YOUR OBJECTIVE -> How many lines in the entries below contain the string "VECTOR"? Reply with the number only.
BEGIN
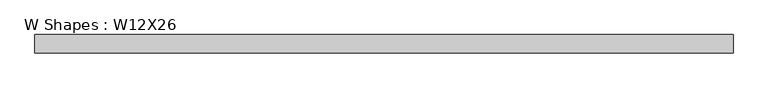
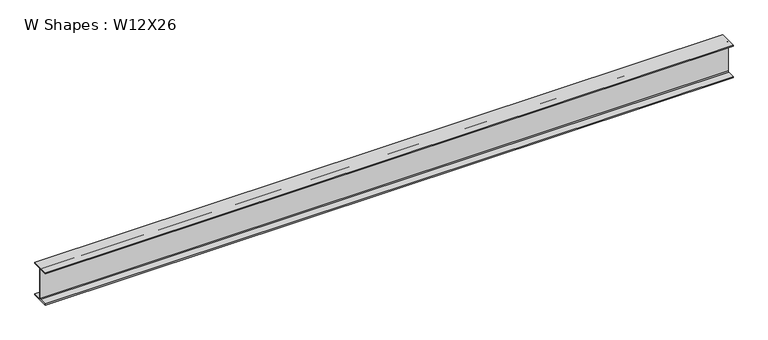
"""IFC4 building model written with IfcOpenShell, lengths in millimetres: beam geometry, W Shapes : W12X26."""

from ifc_helpers import new_model, si_unit, point, frame, frame_2d, origin, place, context, project, spatial, polyline, circle_curve, trimmed, segment, composite_curve, outline, extrude, source, transform, mapped, element, save


def w_shapes_w12x26_e6bebfd3(model_context):
    return source(origin(), model_context, "Body", "SweptSolid", [
        extrude(outline(composite_curve([segment(polyline([(82.423, -145.288), (82.423, -154.94), (-82.423, -154.94), (-82.423, -145.288), (-10.541, -145.288)]), True, "CONTINUOUS"), segment(trimmed(circle_curve(frame_2d((-10.541, -137.668)), 7.62), [point((-10.541, -145.288))], [point((-2.921, -137.668))], True, "CARTESIAN"), True, "CONTINUOUS"), segment(polyline([(-2.921, -137.668), (-2.921, 137.668)]), True, "CONTINUOUS"), segment(trimmed(circle_curve(frame_2d((-10.541, 137.668)), 7.62), [point((-2.921, 137.668))], [point((-10.541, 145.288))], True, "CARTESIAN"), True, "CONTINUOUS"), segment(polyline([(-10.541, 145.288), (-82.423, 145.288), (-82.423, 154.94), (82.423, 154.94), (82.423, 145.288), (10.541, 145.288)]), True, "CONTINUOUS"), segment(trimmed(circle_curve(frame_2d((10.541, 137.668)), 7.62), [point((10.541, 145.288))], [point((2.921, 137.668))], True, "CARTESIAN"), True, "CONTINUOUS"), segment(polyline([(2.921, 137.668), (2.921, -137.668)]), True, "CONTINUOUS"), segment(trimmed(circle_curve(frame_2d((10.541, -137.668)), 7.62), [point((2.921, -137.668))], [point((10.541, -145.288))], True, "CARTESIAN"), True, "CONTINUOUS"), segment(polyline([(10.541, -145.288), (82.423, -145.288)]), True, "CONTINUOUS")], self_intersect=False)), frame((-3098.4010255, 0.0, 0.0), z_axis=(1.0, 0.0, 0.0), x_axis=(0.0, 1.0, 0.0)), (0.0, 0.0, 1.0), 6216.7127373),
    ])


if __name__ == "__main__":
    model = new_model("IFC4")
    model_context = context("Model", 3, world=origin())
    ifc_project = project(units=[si_unit("LENGTHUNIT", "METRE", prefix="MILLI")], contexts=[model_context])
    site = spatial("IfcSite", under=ifc_project)
    building = spatial("IfcBuilding", under=site)
    placement = place(None, origin())
    w_shapes_w12x26_shape = w_shapes_w12x26_e6bebfd3(model_context)
    element("IfcBeam", 1, ObjectType="W Shapes : W12X26", at=placement, inside=building, context=model_context, shape_type="MappedRepresentation", body=[
        mapped(w_shapes_w12x26_shape, transform((0.0, 0.0, 0.0), x_axis=(1.0, 0.0, 0.0), y_axis=(0.0, 1.0, 0.0), z_axis=(0.0, 0.0, 1.0))),
    ])
    save(model, "model.ifc")
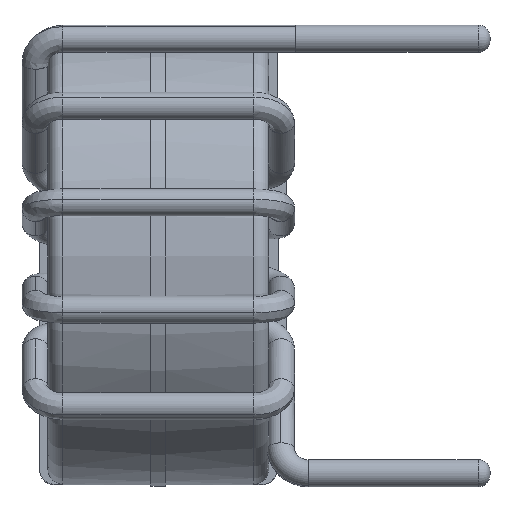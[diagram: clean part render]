
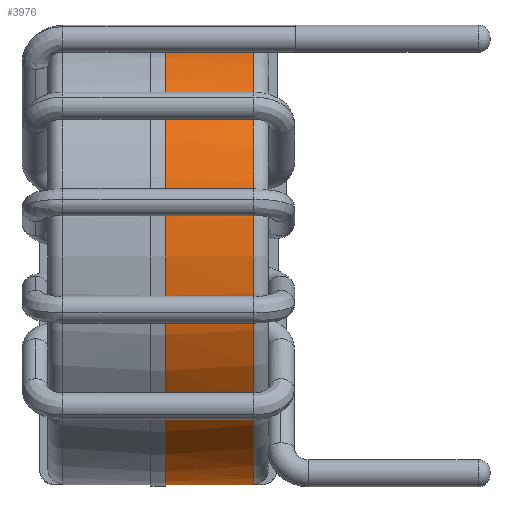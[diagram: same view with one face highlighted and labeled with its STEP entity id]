
A CAD part, left-side view. The second image highlights one B-rep face of the part: STEP entity #3976.
In plain terms, the highlighted cylindrical face has radius 15.414 mm (diameter 30.827 mm), a partial arc.
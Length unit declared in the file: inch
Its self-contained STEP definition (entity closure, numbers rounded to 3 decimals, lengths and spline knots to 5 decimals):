
#110 = DIRECTION ( 'NONE',  ( 0., 0., 1. ) ) ;
#363 = CARTESIAN_POINT ( 'NONE',  ( -0.01476, -0.25317, 0.60666 ) ) ;
#419 = CARTESIAN_POINT ( 'NONE',  ( -0.01476, -0.27559, -0.60666 ) ) ;
#447 = CARTESIAN_POINT ( 'NONE',  ( -0.04429, -0.25317, -0.60522 ) ) ;
#676 = LINE ( 'NONE', #13124, #2362 ) ;
#769 = CARTESIAN_POINT ( 'NONE',  ( -0.01476, 0.31496, 0.60666 ) ) ;
#994 = EDGE_CURVE ( 'NONE', #7364, #12777, #9503, .T. ) ;
#1221 = CIRCLE ( 'NONE', #4418, 0.60684 ) ;
#1259 = CIRCLE ( 'NONE', #9536, 0.60684 ) ;
#1274 = VECTOR ( 'NONE', #5944, 39.37008 ) ;
#1441 = ORIENTED_EDGE ( 'NONE', *, *, #2890, .T. ) ;
#1450 = CARTESIAN_POINT ( 'NONE',  ( 0., -0.01969, -0.60684 ) ) ;
#1619 = DIRECTION ( 'NONE',  ( 0., 1., 0. ) ) ;
#1855 = DIRECTION ( 'NONE',  ( 0., 1., 0. ) ) ;
#1897 = CARTESIAN_POINT ( 'NONE',  ( 0., 0.29254, 0. ) ) ;
#1944 = CIRCLE ( 'NONE', #2351, 0.60684 ) ;
#1949 = CARTESIAN_POINT ( 'NONE',  ( 0., -0.25317, -0.60684 ) ) ;
#1991 = DIRECTION ( 'NONE',  ( 0., 0., 1. ) ) ;
#2149 = VERTEX_POINT ( 'NONE', #12097 ) ;
#2238 = DIRECTION ( 'NONE',  ( 0., -1., 0. ) ) ;
#2318 = EDGE_CURVE ( 'NONE', #2363, #2149, #1259, .T. ) ;
#2343 = DIRECTION ( 'NONE',  ( 0., 1., 0. ) ) ;
#2351 = AXIS2_PLACEMENT_3D ( 'NONE', #2706, #7843, #10184 ) ;
#2362 = VECTOR ( 'NONE', #10742, 39.37008 ) ;
#2363 = VERTEX_POINT ( 'NONE', #9865 ) ;
#2375 = AXIS2_PLACEMENT_3D ( 'NONE', #9485, #10350, #3712 ) ;
#2540 = ORIENTED_EDGE ( 'NONE', *, *, #7298, .T. ) ;
#2702 = AXIS2_PLACEMENT_3D ( 'NONE', #3491, #7796, #1991 ) ;
#2706 = CARTESIAN_POINT ( 'NONE',  ( 0., -0.25317, 0. ) ) ;
#2756 = ORIENTED_EDGE ( 'NONE', *, *, #13032, .F. ) ;
#2820 = DIRECTION ( 'NONE',  ( 0., -1., 0. ) ) ;
#2866 = CIRCLE ( 'NONE', #2702, 0.60684 ) ;
#2890 = EDGE_CURVE ( 'NONE', #11606, #11448, #10070, .T. ) ;
#3350 = EDGE_CURVE ( 'NONE', #4994, #7381, #10487, .T. ) ;
#3467 = ORIENTED_EDGE ( 'NONE', *, *, #5742, .T. ) ;
#3491 = CARTESIAN_POINT ( 'NONE',  ( 0., -0.25317, 0. ) ) ;
#3712 = DIRECTION ( 'NONE',  ( 0., 0., 1. ) ) ;
#3732 = CARTESIAN_POINT ( 'NONE',  ( 0., 0.29254, 0.60684 ) ) ;
#3775 = VERTEX_POINT ( 'NONE', #11787 ) ;
#3811 = VECTOR ( 'NONE', #2820, 39.37008 ) ;
#3976 = ADVANCED_FACE ( 'NONE', ( #6206 ), #5758, .T. ) ;
#4242 = CARTESIAN_POINT ( 'NONE',  ( -0.04429, -0.27559, -0.60522 ) ) ;
#4418 = AXIS2_PLACEMENT_3D ( 'NONE', #5719, #1855, #8467 ) ;
#4588 = AXIS2_PLACEMENT_3D ( 'NONE', #1897, #4897, #5125 ) ;
#4629 = DIRECTION ( 'NONE',  ( 0., -1., 0. ) ) ;
#4897 = DIRECTION ( 'NONE',  ( 0., -1., 0. ) ) ;
#4947 = EDGE_CURVE ( 'NONE', #7381, #11606, #676, .T. ) ;
#4994 = VERTEX_POINT ( 'NONE', #1949 ) ;
#5089 = LINE ( 'NONE', #12592, #1274 ) ;
#5125 = DIRECTION ( 'NONE',  ( 0., 0., -1. ) ) ;
#5500 = CARTESIAN_POINT ( 'NONE',  ( -0.04429, 0.31496, -0.60522 ) ) ;
#5532 = ORIENTED_EDGE ( 'NONE', *, *, #994, .F. ) ;
#5719 = CARTESIAN_POINT ( 'NONE',  ( 0., -0.01969, 0. ) ) ;
#5742 = EDGE_CURVE ( 'NONE', #10002, #4994, #12227, .T. ) ;
#5758 = CYLINDRICAL_SURFACE ( 'NONE', #4588, 0.60684 ) ;
#5944 = DIRECTION ( 'NONE',  ( 0., -1., 0. ) ) ;
#6206 = FACE_OUTER_BOUND ( 'NONE', #7896, .T. ) ;
#6295 = ORIENTED_EDGE ( 'NONE', *, *, #10969, .F. ) ;
#6638 = DIRECTION ( 'NONE',  ( 0., 0., -1. ) ) ;
#7152 = CARTESIAN_POINT ( 'NONE',  ( 0., -0.01969, 0.60684 ) ) ;
#7298 = EDGE_CURVE ( 'NONE', #8206, #12777, #2866, .T. ) ;
#7364 = VERTEX_POINT ( 'NONE', #7152 ) ;
#7381 = VERTEX_POINT ( 'NONE', #13184 ) ;
#7458 = ORIENTED_EDGE ( 'NONE', *, *, #12366, .T. ) ;
#7467 = VERTEX_POINT ( 'NONE', #447 ) ;
#7709 = AXIS2_PLACEMENT_3D ( 'NONE', #13315, #2343, #6638 ) ;
#7796 = DIRECTION ( 'NONE',  ( 0., 1., 0. ) ) ;
#7843 = DIRECTION ( 'NONE',  ( 0., 1., 0. ) ) ;
#7896 = EDGE_LOOP ( 'NONE', ( #5532, #9493, #3467, #8684, #9273, #1441, #2756, #7458, #8223, #11091, #6295, #2540 ) ) ;
#8206 = VERTEX_POINT ( 'NONE', #363 ) ;
#8223 = ORIENTED_EDGE ( 'NONE', *, *, #13200, .T. ) ;
#8314 = VECTOR ( 'NONE', #4629, 39.37008 ) ;
#8451 = DIRECTION ( 'NONE',  ( 0., -1., 0. ) ) ;
#8467 = DIRECTION ( 'NONE',  ( 0., 0., 1. ) ) ;
#8660 = LINE ( 'NONE', #769, #8776 ) ;
#8684 = ORIENTED_EDGE ( 'NONE', *, *, #3350, .T. ) ;
#8693 = CARTESIAN_POINT ( 'NONE',  ( 0., -0.25317, 0.60684 ) ) ;
#8776 = VECTOR ( 'NONE', #8451, 39.37008 ) ;
#8890 = LINE ( 'NONE', #5500, #8314 ) ;
#9273 = ORIENTED_EDGE ( 'NONE', *, *, #4947, .T. ) ;
#9485 = CARTESIAN_POINT ( 'NONE',  ( 0., -0.25317, 0. ) ) ;
#9493 = ORIENTED_EDGE ( 'NONE', *, *, #12628, .F. ) ;
#9503 = LINE ( 'NONE', #3732, #11255 ) ;
#9536 = AXIS2_PLACEMENT_3D ( 'NONE', #11682, #1619, #110 ) ;
#9865 = CARTESIAN_POINT ( 'NONE',  ( -0.04429, -0.27559, 0.60522 ) ) ;
#10002 = VERTEX_POINT ( 'NONE', #1450 ) ;
#10070 = CIRCLE ( 'NONE', #7709, 0.60684 ) ;
#10074 = CARTESIAN_POINT ( 'NONE',  ( 0., 0.29254, -0.60684 ) ) ;
#10184 = DIRECTION ( 'NONE',  ( 0., 0., 1. ) ) ;
#10350 = DIRECTION ( 'NONE',  ( 0., 1., 0. ) ) ;
#10487 = CIRCLE ( 'NONE', #2375, 0.60684 ) ;
#10742 = DIRECTION ( 'NONE',  ( 0., -1., 0. ) ) ;
#10969 = EDGE_CURVE ( 'NONE', #8206, #2149, #8660, .T. ) ;
#11091 = ORIENTED_EDGE ( 'NONE', *, *, #2318, .T. ) ;
#11255 = VECTOR ( 'NONE', #2238, 39.37008 ) ;
#11448 = VERTEX_POINT ( 'NONE', #4242 ) ;
#11606 = VERTEX_POINT ( 'NONE', #419 ) ;
#11682 = CARTESIAN_POINT ( 'NONE',  ( 0., -0.27559, 0. ) ) ;
#11787 = CARTESIAN_POINT ( 'NONE',  ( -0.04429, -0.25317, 0.60522 ) ) ;
#12097 = CARTESIAN_POINT ( 'NONE',  ( -0.01476, -0.27559, 0.60666 ) ) ;
#12227 = LINE ( 'NONE', #10074, #3811 ) ;
#12366 = EDGE_CURVE ( 'NONE', #7467, #3775, #1944, .T. ) ;
#12592 = CARTESIAN_POINT ( 'NONE',  ( -0.04429, 0.31496, 0.60522 ) ) ;
#12628 = EDGE_CURVE ( 'NONE', #10002, #7364, #1221, .T. ) ;
#12777 = VERTEX_POINT ( 'NONE', #8693 ) ;
#13032 = EDGE_CURVE ( 'NONE', #7467, #11448, #8890, .T. ) ;
#13124 = CARTESIAN_POINT ( 'NONE',  ( -0.01476, 0.31496, -0.60666 ) ) ;
#13184 = CARTESIAN_POINT ( 'NONE',  ( -0.01476, -0.25317, -0.60666 ) ) ;
#13200 = EDGE_CURVE ( 'NONE', #3775, #2363, #5089, .T. ) ;
#13315 = CARTESIAN_POINT ( 'NONE',  ( 0., -0.27559, 0. ) ) ;
END
YOUR SOLUTION -> 6